On pourrait toutefois objecter que, parmi les 10% de ménages les plus modestes, 65% sont locataires et non propriétaires (graphique 6). Les locataires pourraient souffrir du resserrement du crédit non pas de façon directe, par restriction de l’accès à la propriété, mais de manière indirecte, par attrition de l’offre de logements locatifs. Quelques soient d’éventuels ajustements techniques qui pourraient être envisagés par le HCSF sur ce sujet, l’investissement locatif reste avant tout freiné par sa faible rentabilité notamment en zone tendue (Madec, 2023). Entre 2015 et 2022, les investisseurs sur le marché locatif se sont rémunérés davantage par la plus-value à la revente du bien que via les loyers perçus pendant la période de détention, lesquels sont parfois plafonnés. Cette espérance de plus-value a disparu. Si la hausse des taux d’intérêt conduit à une baisse des prix sans baisse équivalente des loyers (voir par exemple, Bove, Dees et Thubin, 2020 ; Terra Nova, 2023), alors la rentabilité de l’investissement locatif se redressera et l’on peut espérer, à terme, une hausse de l’offre de logements à la location.

Les ménages multi-propriétaires sont clairement concentrés dans les dixièmes, centièmes et millièmes de niveaux de vie les plus élevés (graphique 6). Les achats de résidences secondaires et le développement rapide de la location meublée touristique a pu évincer en partie l’offre de location de longue durée (voir par exemple Duso et al. (2021) sur le cas de Berlin, et l’Institut Paris Habitat (2023) sur le cas de Paris).
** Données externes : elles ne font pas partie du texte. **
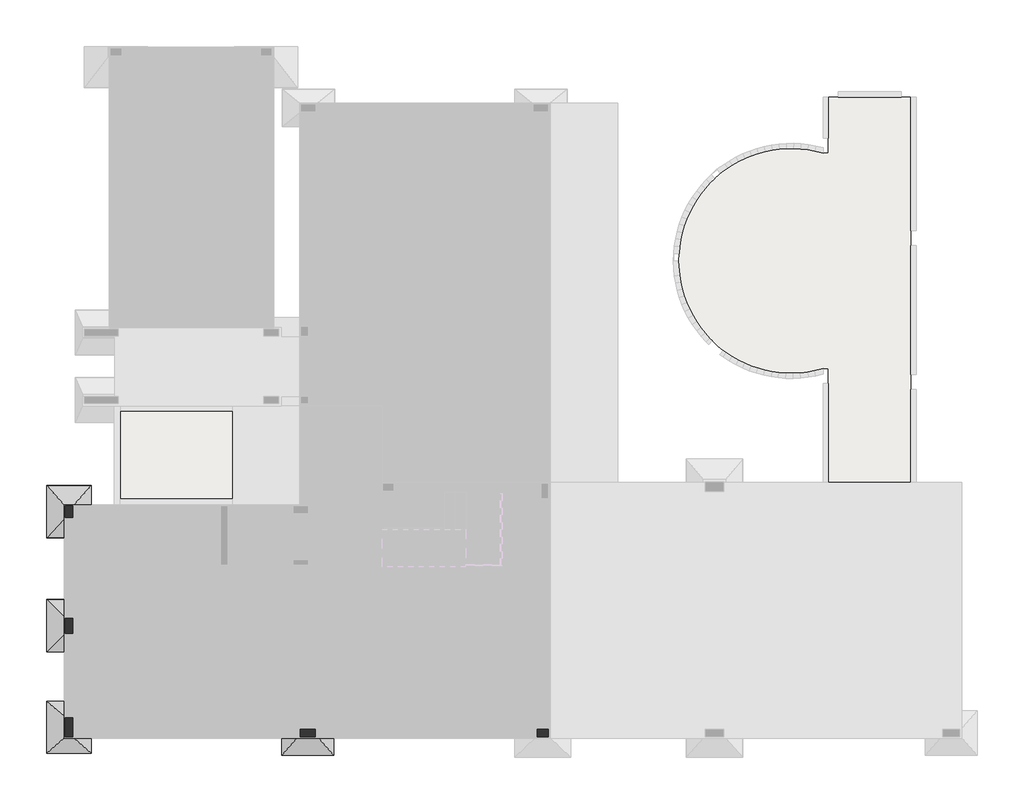
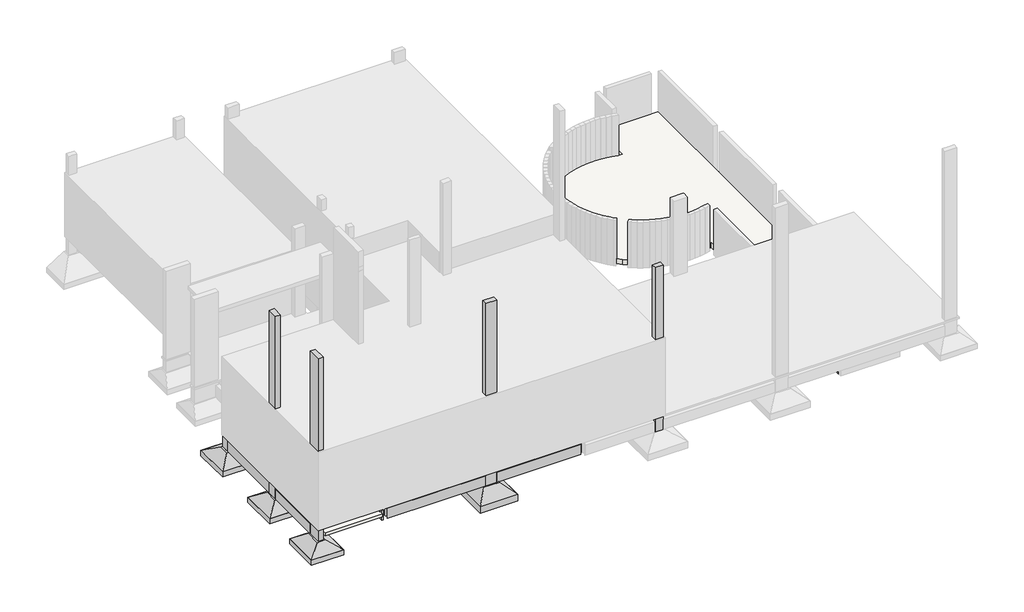
# One storey, part 1 of 4: 11 beams, 5 columns, 4 fasteners, 3 slabs.
# Revit data of these elements (continued)
# Type "TQS - Viga retangular : 14.0 x 40.0"
#   Length [instance default] = 1.524 m
#   b = 0.14 m
#   h = 0.40 m
#   Structural Material [instance default] = none
#   Assembly Code = ""
# Type "TQS - Viga retangular : 19.0 x 40.0"
#   Length [instance default] = 1.524 m
#   b = 0.19 m
#   h = 0.40 m
#   Structural Material [instance default] = none
#   Assembly Code = ""
# Type "TQS - Viga retangular : 19.0 x 55.0"
#   Length [instance default] = 1.524 m
#   b = 0.19 m
#   h = 0.55 m
#   Structural Material [instance default] = none
#   Assembly Code = ""
# Type "TQS - Pilar retangular : 19.0 x 30.0"
#   b = 0.19 m
#   h = 0.30 m
#   Structural Material [instance default] = Concrete - Cast-in-Place Concrete
# Type "TQS - Pilar retangular : 19.0 x 40.0"
#   b = 0.19 m
#   h = 0.40 m
#   Structural Material [instance default] = Concrete - Cast-in-Place Concrete
# Type "TQS - Pilar retangular : 19.0 x 50.0"
#   b = 0.19 m
#   h = 0.50 m
#   Structural Material [instance default] = Concrete - Cast-in-Place Concrete
# Type "TQS - Sapata : S15"
#   TY = 0.40 m
#   TX = 0.29 m
#   HS = 0.50 m
#   H0 = 0.20 m
#   EXCYABS = 0.70 m
#   EXCY = 0.00 m
#   EXCXABS = 0.60 m
#   EXCX = 0.00 m
#   DIMY = 1.40 m
#   DIMX = 1.20 m
#   Material estrutural = Concreto - Concreto concretado no local
#   Width = 0
#   Length = 0
# Type "TQS - Sapata : S19"
#   TY = 0.50 m
#   TX = 0.29 m
#   HS = 0.50 m
#   H0 = 0.20 m
#   EXCYABS = 0.70 m
#   EXCY = 0.00 m
#   EXCXABS = 0.60 m
#   EXCX = 0.00 m
#   DIMY = 1.40 m
#   DIMX = 1.20 m
#   Material estrutural = Concreto - Concreto concretado no local
#   Width = 0
#   Length = 0
# Type "TQS - Sapata : S20"
#   TY = 0.60 m
#   TX = 0.29 m
#   HS = 0.50 m
#   H0 = 0.20 m
#   EXCYABS = 0.70 m
#   EXCY = 0.00 m
#   EXCXABS = 0.60 m
#   EXCX = 0.00 m
#   DIMY = 1.40 m
#   DIMX = 1.20 m
#   Material estrutural = Concreto - Concreto concretado no local
#   Width = 0
#   Length = 0
# Type "TQS - Sapata : S21"
#   TY = 0.60 m
#   TX = 0.29 m
#   HS = 0.60 m
#   H0 = 0.25 m
#   EXCYABS = 0.70 m
#   EXCY = 0.00 m
#   EXCXABS = 0.60 m
#   EXCX = 0.00 m
#   DIMY = 1.40 m
#   DIMX = 1.20 m
#   Material estrutural = Concreto - Concreto concretado no local
#   Width = 0
#   Length = 0
# Type "TQS h=12"
#   Function = 0
#   Layers, outside or top first: 0.12 m ".MATERIAL GENÉRICO LAJE E PISO" (function 1)
# Type "TQS h=20"
#   Function = 0
#   Layers, outside or top first: 0.20 m ".MATERIAL GENÉRICO LAJE E PISO" (function 1)
# Element 1 (IfcBeam, "TQS - Viga retangular : 14.0 x 40.0")
#   Uso = "ESTRUTURA"
#   Titulo = "V22"
#   Chave = "-203"
#   Tipo Elemento = "Viga"
#   SHA1 = "0EE0F179185C4FE731D9B7F49CC743500D79D063"
#   Revisão = ""
#   Tipo de carga = ""
#   Divisor de flexao = ""
#   Secao = ""
#   Configuracao = ""
#   Angulo (graus) = ""
#   Detalhamento = ""
#   Casos de vento manual = ""
#   Tipo = ""
#   Alcas = ""
#   Furos = ""
#   Pino = ""
#   Distribuicao = ""
#   Solidarizado = ""
#   Solidarizar na montagem = ""
#   Unir com o próximo = ""
#   Grupo pre moldado = ""
#   Verificado = ""
#   Concreto C = ""
#   Taxa de armadura (kgf/m³) = 0
#   Carga (tf/m²) = 0
#   Carga (tf/m) = 0
#   Carga (tf) = 0
#   Altura = 0.40 m
#   Rebaixo = 0.07 m
#   Largura = 0.14 m
#   Distancia a face = 0.00 m
#   Distancia ao eixo = 0.00 m
#   Altura gerber esquerda = 0.00 m
#   Largura gerber esquerda = 0.00 m
#   Altura gerber direita = 0.00 m
#   Largura gerber direita = 0.00 m
#   Resultado de Ensaios fck (MPa) = 0
#   Unique TQS ID = -203
#   Principal = yes
#   Structural Material = none
#   Phase Created = CC_AP/ESTR
# Element 2 (IfcBeam, "TQS - Viga retangular : 14.0 x 40.0")
#   Uso = "ESTRUTURA"
#   Titulo = "V9"
#   Chave = "-204"
#   Tipo Elemento = "Viga"
#   SHA1 = "AA57A5F4D00ABE88C47FF187D940E0A6D8A99B36"
#   Revisão = ""
#   Tipo de carga = ""
#   Divisor de flexao = ""
#   Secao = ""
#   Configuracao = ""
#   Angulo (graus) = ""
#   Detalhamento = ""
#   Casos de vento manual = ""
#   Tipo = ""
#   Alcas = ""
#   Furos = ""
#   Pino = ""
#   Distribuicao = ""
#   Solidarizado = ""
#   Solidarizar na montagem = ""
#   Unir com o próximo = ""
#   Grupo pre moldado = ""
#   Verificado = ""
#   Concreto C = ""
#   Taxa de armadura (kgf/m³) = 0
#   Carga (tf/m²) = 0
#   Carga (tf/m) = 0
#   Carga (tf) = 0
#   Altura = 0.40 m
#   Rebaixo = 0.07 m
#   Largura = 0.14 m
#   Distancia a face = 0.00 m
#   Distancia ao eixo = 0.00 m
#   Altura gerber esquerda = 0.00 m
#   Largura gerber esquerda = 0.00 m
#   Altura gerber direita = 0.00 m
#   Largura gerber direita = 0.00 m
#   Resultado de Ensaios fck (MPa) = 0
#   Unique TQS ID = -204
#   Principal = yes
#   Structural Material = none
#   Phase Created = CC_AP/ESTR
# Element 3 (IfcBeam, "TQS - Viga retangular : 14.0 x 40.0")
#   Uso = "ESTRUTURA"
#   Titulo = "V9"
#   Chave = "-205"
#   Tipo Elemento = "Viga"
#   SHA1 = "E87C8EEF9F202EE39708C04CA286767B11167BA7"
#   Revisão = ""
#   Tipo de carga = ""
#   Divisor de flexao = ""
#   Secao = ""
#   Configuracao = ""
#   Angulo (graus) = ""
#   Detalhamento = ""
#   Casos de vento manual = ""
#   Tipo = ""
#   Alcas = ""
#   Furos = ""
#   Pino = ""
#   Distribuicao = ""
#   Solidarizado = ""
#   Solidarizar na montagem = ""
#   Unir com o próximo = ""
#   Grupo pre moldado = ""
#   Verificado = ""
#   Concreto C = ""
#   Taxa de armadura (kgf/m³) = 0
#   Carga (tf/m²) = 0
#   Carga (tf/m) = 0
#   Carga (tf) = 0
#   Altura = 0.40 m
#   Rebaixo = 0.07 m
#   Largura = 0.14 m
#   Distancia a face = 0.00 m
#   Distancia ao eixo = 0.00 m
#   Altura gerber esquerda = 0.00 m
#   Largura gerber esquerda = 0.00 m
#   Altura gerber direita = 0.00 m
#   Largura gerber direita = 0.00 m
#   Resultado de Ensaios fck (MPa) = 0
#   Unique TQS ID = -205
#   Principal = yes
#   Structural Material = none
#   Phase Created = CC_AP/ESTR
# Element 4 (IfcBeam, "TQS - Viga retangular : 14.0 x 40.0")
#   Uso = "ESTRUTURA"
#   Titulo = "V18"
#   Chave = "-208"
#   Tipo Elemento = "Viga"
#   SHA1 = "7D362067162B3A08BECFB8E1D38DC108435A0D97"
#   Revisão = ""
#   Tipo de carga = ""
#   Divisor de flexao = ""
#   Secao = ""
#   Configuracao = ""
#   Angulo (graus) = ""
#   Detalhamento = ""
#   Casos de vento manual = ""
#   Tipo = ""
#   Alcas = ""
#   Furos = ""
#   Pino = ""
#   Distribuicao = ""
#   Solidarizado = ""
#   Solidarizar na montagem = ""
#   Unir com o próximo = ""
#   Grupo pre moldado = ""
#   Verificado = ""
#   Concreto C = ""
#   Taxa de armadura (kgf/m³) = 0
#   Carga (tf/m²) = 0
#   Carga (tf/m) = 0
#   Carga (tf) = 0
#   Altura = 0.40 m
#   Rebaixo = 0.07 m
#   Largura = 0.14 m
#   Distancia a face = 0.00 m
#   Distancia ao eixo = 0.00 m
#   Altura gerber esquerda = 0.00 m
#   Largura gerber esquerda = 0.00 m
#   Altura gerber direita = 0.00 m
#   Largura gerber direita = 0.00 m
#   Resultado de Ensaios fck (MPa) = 0
#   Unique TQS ID = -208
#   Principal = yes
#   Structural Material = none
#   Phase Created = CC_AP/ESTR
# Element 5 (IfcBeam, "TQS - Viga retangular : 14.0 x 40.0")
#   Uso = "ESTRUTURA"
#   Titulo = "V11"
#   Chave = "-212"
#   Tipo Elemento = "Viga"
#   SHA1 = "085A6152135AC5E0DDDC9306F8DBF004F37A3D7F"
#   Revisão = ""
#   Tipo de carga = ""
#   Divisor de flexao = ""
#   Secao = ""
#   Configuracao = ""
#   Angulo (graus) = ""
#   Detalhamento = ""
#   Casos de vento manual = ""
#   Tipo = ""
#   Alcas = ""
#   Furos = ""
#   Pino = ""
#   Distribuicao = ""
#   Solidarizado = ""
#   Solidarizar na montagem = ""
#   Unir com o próximo = ""
#   Grupo pre moldado = ""
#   Verificado = ""
#   Concreto C = ""
#   Taxa de armadura (kgf/m³) = 0
#   Carga (tf/m²) = 0
#   Carga (tf/m) = 0
#   Carga (tf) = 0
#   Altura = 0.40 m
#   Rebaixo = 0.07 m
#   Largura = 0.14 m
#   Distancia a face = 0.00 m
#   Distancia ao eixo = 0.00 m
#   Altura gerber esquerda = 0.00 m
#   Largura gerber esquerda = 0.00 m
#   Altura gerber direita = 0.00 m
#   Largura gerber direita = 0.00 m
#   Resultado de Ensaios fck (MPa) = 0
#   Unique TQS ID = -212
#   Principal = yes
#   Structural Material = none
#   Phase Created = CC_AP/ESTR
# Element 6 (IfcBeam, "TQS - Viga retangular : 14.0 x 40.0")
#   Uso = "ESTRUTURA"
#   Titulo = "V25"
#   Chave = "-214"
#   Tipo Elemento = "Viga"
#   SHA1 = "AA587B3825EEEC75667AA8C6AA5AB994AEC66271"
#   Revisão = ""
#   Tipo de carga = ""
#   Divisor de flexao = ""
#   Secao = ""
#   Configuracao = ""
#   Angulo (graus) = ""
#   Detalhamento = ""
#   Casos de vento manual = ""
#   Tipo = ""
#   Alcas = ""
#   Furos = ""
#   Pino = ""
#   Distribuicao = ""
#   Solidarizado = ""
#   Solidarizar na montagem = ""
#   Unir com o próximo = ""
#   Grupo pre moldado = ""
#   Verificado = ""
#   Concreto C = ""
#   Taxa de armadura (kgf/m³) = 0
#   Carga (tf/m²) = 0
#   Carga (tf/m) = 0
#   Carga (tf) = 0
#   Altura = 0.40 m
#   Rebaixo = 0.16 m
#   Largura = 0.14 m
#   Distancia a face = 0.00 m
#   Distancia ao eixo = 0.00 m
#   Altura gerber esquerda = 0.00 m
#   Largura gerber esquerda = 0.00 m
#   Altura gerber direita = 0.00 m
#   Largura gerber direita = 0.00 m
#   Resultado de Ensaios fck (MPa) = 0
#   Unique TQS ID = -214
#   Principal = yes
#   Structural Material = none
#   Phase Created = CC_AP/ESTR
# Element 7 (IfcBeam, "TQS - Viga retangular : 14.0 x 40.0")
#   Uso = "ESTRUTURA"
#   Titulo = "V12"
#   Chave = "-453"
#   Tipo Elemento = "Viga"
#   SHA1 = "D9CD6F477F2EF098F4AC3262D940A040C72B7E2B"
#   Revisão = ""
#   Tipo de carga = ""
#   Divisor de flexao = ""
#   Secao = ""
#   Configuracao = ""
#   Angulo (graus) = ""
#   Detalhamento = ""
#   Casos de vento manual = ""
#   Tipo = ""
#   Alcas = ""
#   Furos = ""
#   Pino = ""
#   Distribuicao = ""
#   Solidarizado = ""
#   Solidarizar na montagem = ""
#   Unir com o próximo = ""
#   Grupo pre moldado = ""
#   Verificado = ""
#   Concreto C = ""
#   Taxa de armadura (kgf/m³) = 0
#   Carga (tf/m²) = 0
#   Carga (tf/m) = 0
#   Carga (tf) = 0
#   Altura = 0.40 m
#   Rebaixo = 0.16 m
#   Largura = 0.14 m
#   Distancia a face = 0.00 m
#   Distancia ao eixo = 0.00 m
#   Altura gerber esquerda = 0.00 m
#   Largura gerber esquerda = 0.00 m
#   Altura gerber direita = 0.00 m
#   Largura gerber direita = 0.00 m
#   Resultado de Ensaios fck (MPa) = 0
#   Unique TQS ID = -453
#   Principal = yes
#   Structural Material = none
#   Phase Created = CC_AP/ESTR
# Element 8 (IfcBeam, "TQS - Viga retangular : 14.0 x 40.0")
#   Uso = "ESTRUTURA"
#   Titulo = "V13"
#   Chave = "-681"
#   Tipo Elemento = "Viga"
#   SHA1 = "E52B93A2F47D403CA690CD63769ABDF0E8B6050A"
#   Revisão = ""
#   Tipo de carga = ""
#   Divisor de flexao = ""
#   Secao = ""
#   Configuracao = ""
#   Angulo (graus) = ""
#   Detalhamento = ""
#   Casos de vento manual = ""
#   Tipo = ""
#   Alcas = ""
#   Furos = ""
#   Pino = ""
#   Distribuicao = ""
#   Solidarizado = ""
#   Solidarizar na montagem = ""
#   Unir com o próximo = ""
#   Grupo pre moldado = ""
#   Verificado = ""
#   Concreto C = ""
#   Taxa de armadura (kgf/m³) = 0
#   Carga (tf/m²) = 0
#   Carga (tf/m) = 0
#   Carga (tf) = 0
#   Altura = 0.40 m
#   Rebaixo = 0.07 m
#   Largura = 0.14 m
#   Distancia a face = 0.00 m
#   Distancia ao eixo = 0.00 m
#   Altura gerber esquerda = 0.00 m
#   Largura gerber esquerda = 0.00 m
#   Altura gerber direita = 0.00 m
#   Largura gerber direita = 0.00 m
#   Resultado de Ensaios fck (MPa) = 0
#   Unique TQS ID = -681
#   Principal = yes
#   Structural Material = none
#   Phase Created = CC_AP/ESTR
# Element 9 (IfcBeam, "TQS - Viga retangular : 19.0 x 40.0")
#   Uso = "ESTRUTURA"
#   Titulo = "V16"
#   Chave = "-181"
#   Tipo Elemento = "Viga"
#   SHA1 = "AC6EE286E954C664F8248081444A5D98129228D8"
#   Revisão = ""
#   Tipo de carga = ""
#   Divisor de flexao = ""
#   Secao = ""
#   Configuracao = ""
#   Angulo (graus) = ""
#   Detalhamento = ""
#   Casos de vento manual = ""
#   Tipo = ""
#   Alcas = ""
#   Furos = ""
#   Pino = ""
#   Distribuicao = ""
#   Solidarizado = ""
#   Solidarizar na montagem = ""
#   Unir com o próximo = ""
#   Grupo pre moldado = ""
#   Verificado = ""
#   Concreto C = ""
#   Taxa de armadura (kgf/m³) = 0
#   Carga (tf/m²) = 0
#   Carga (tf/m) = 0
#   Carga (tf) = 0
#   Altura = 0.40 m
#   Rebaixo = 0.07 m
#   Largura = 0.19 m
#   Distancia a face = 0.00 m
#   Distancia ao eixo = 0.00 m
#   Altura gerber esquerda = 0.00 m
#   Largura gerber esquerda = 0.00 m
#   Altura gerber direita = 0.00 m
#   Largura gerber direita = 0.00 m
#   Resultado de Ensaios fck (MPa) = 0
#   Unique TQS ID = -181
#   Principal = yes
#   Structural Material = none
#   Phase Created = CC_AP/ESTR
# Element 10 (IfcBeam, "TQS - Viga retangular : 19.0 x 40.0")
#   Uso = "ESTRUTURA"
#   Titulo = "V14"
#   Chave = "-188"
#   Tipo Elemento = "Viga"
#   SHA1 = "7A53358B50FB0481EBEA1D15A12D2A0FCC9FC715"
#   Revisão = ""
#   Tipo de carga = ""
#   Divisor de flexao = ""
#   Secao = ""
#   Configuracao = ""
#   Angulo (graus) = ""
#   Detalhamento = ""
#   Casos de vento manual = ""
#   Tipo = ""
#   Alcas = ""
#   Furos = ""
#   Pino = ""
#   Distribuicao = ""
#   Solidarizado = ""
#   Solidarizar na montagem = ""
#   Unir com o próximo = ""
#   Grupo pre moldado = ""
#   Verificado = ""
#   Concreto C = ""
#   Taxa de armadura (kgf/m³) = 0
#   Carga (tf/m²) = 0
#   Carga (tf/m) = 0
#   Carga (tf) = 0
#   Altura = 0.40 m
#   Rebaixo = 0.07 m
#   Largura = 0.19 m
#   Distancia a face = 0.00 m
#   Distancia ao eixo = 0.00 m
#   Altura gerber esquerda = 0.00 m
#   Largura gerber esquerda = 0.00 m
#   Altura gerber direita = 0.00 m
#   Largura gerber direita = 0.00 m
#   Resultado de Ensaios fck (MPa) = 0
#   Unique TQS ID = -188
#   Principal = yes
#   Structural Material = none
#   Phase Created = CC_AP/ESTR
# Element 11 (IfcBeam, "TQS - Viga retangular : 19.0 x 55.0")
#   Uso = "ESTRUTURA"
#   Titulo = "V7"
#   Chave = "-184"
#   Tipo Elemento = "Viga"
#   SHA1 = "E9EC7280BBA3FFEC13DD100B26C6CC66CFF47B76"
#   Revisão = ""
#   Tipo de carga = ""
#   Divisor de flexao = ""
#   Secao = ""
#   Configuracao = ""
#   Angulo (graus) = ""
#   Detalhamento = ""
#   Casos de vento manual = ""
#   Tipo = ""
#   Alcas = ""
#   Furos = ""
#   Pino = ""
#   Distribuicao = ""
#   Solidarizado = ""
#   Solidarizar na montagem = ""
#   Unir com o próximo = ""
#   Grupo pre moldado = ""
#   Verificado = ""
#   Concreto C = ""
#   Taxa de armadura (kgf/m³) = 0
#   Carga (tf/m²) = 0
#   Carga (tf/m) = 0
#   Carga (tf) = 0
#   Altura = 0.55 m
#   Rebaixo = 0.07 m
#   Largura = 0.19 m
#   Distancia a face = 0.00 m
#   Distancia ao eixo = 0.00 m
#   Altura gerber esquerda = 0.00 m
#   Largura gerber esquerda = 0.00 m
#   Altura gerber direita = 0.00 m
#   Largura gerber direita = 0.00 m
#   Resultado de Ensaios fck (MPa) = 0
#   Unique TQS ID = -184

Ainsi, il est possible qu’un même volume de crédit hors résidence principale alimente moins le marché de la location de longue durée que cela n’était le cas par le passé. La solution à ce problème passe en priorité par une réduction des distorsions réglementaires et fiscales.

Graphique 6. Nombre de logements possédés selon le niveau de vie, année 2017

Source : Insee (2021).

Image Graphique 6. Nombre de logements possédés selon le niveau de vie, année 2017
Graphique 6. Nombre de logements possédés selon le niveau de vie, année 2017

Crédit à l’habitat et construction de logements

Une troisième façon d’analyser le ralentissement du crédit à l’habitat est de prendre en compte ses répercussions sur la construction. De fait, la construction de logements neufs a commencé à se replier au second semestre 2022, et les réservations sont également en baisse. Toutefois, avec 431 800 constructions autorisées (et 354 200 commencées) entre mai 2022 et avril 2023, le volume global reste proche du niveau d’avant la pandémie (460 100 constructions autorisées et 385 200 commencées entre mars 2019 à février 2020), et dans l’ordre de grandeur de la projection des besoins réalisée par le Commissariat général au développement durable - entre 300 000 et 350 000 logements par an.  

Si le ressenti est clairement celui d’une pénurie, c’est en partie en raison de l’importance du parc qui n’est pas dévolu à la résidence principale et parce que les nouveaux logements ne se situent pas suffisamment dans les zones où la demande est forte, du fait notamment d’une difficulté persistante à densifier les villes (voir Tardiveau, 2020). Il faut ici rappeler que le volume et le prix du crédit à l’habitat ne sont pas les seuls déterminants de l’activité dans le secteur de la construction. D’autres éléments, tels que les pénuries de main d’œuvre, la lenteur des processus d’autorisation de logements collectifs ou le repli de la confiance des ménages, sont également de nature à freiner les projets. Si les coûts de construction peuvent difficilement s’ajuster à court terme, une baisse des prix du foncier pourrait temporairement contribuer à soutenir le pouvoir d’achat immobilier des ménages.

La normalisation du crédit à l’habitat pourrait finalement contribuer à une forme de rationalisation de l’offre de nouveaux logements en France en limitant le bourgeonnement de résidences secondaires et meublés touristiques, en sensibilisant les investisseurs au risque de vacance et en réduisant le prix du foncier.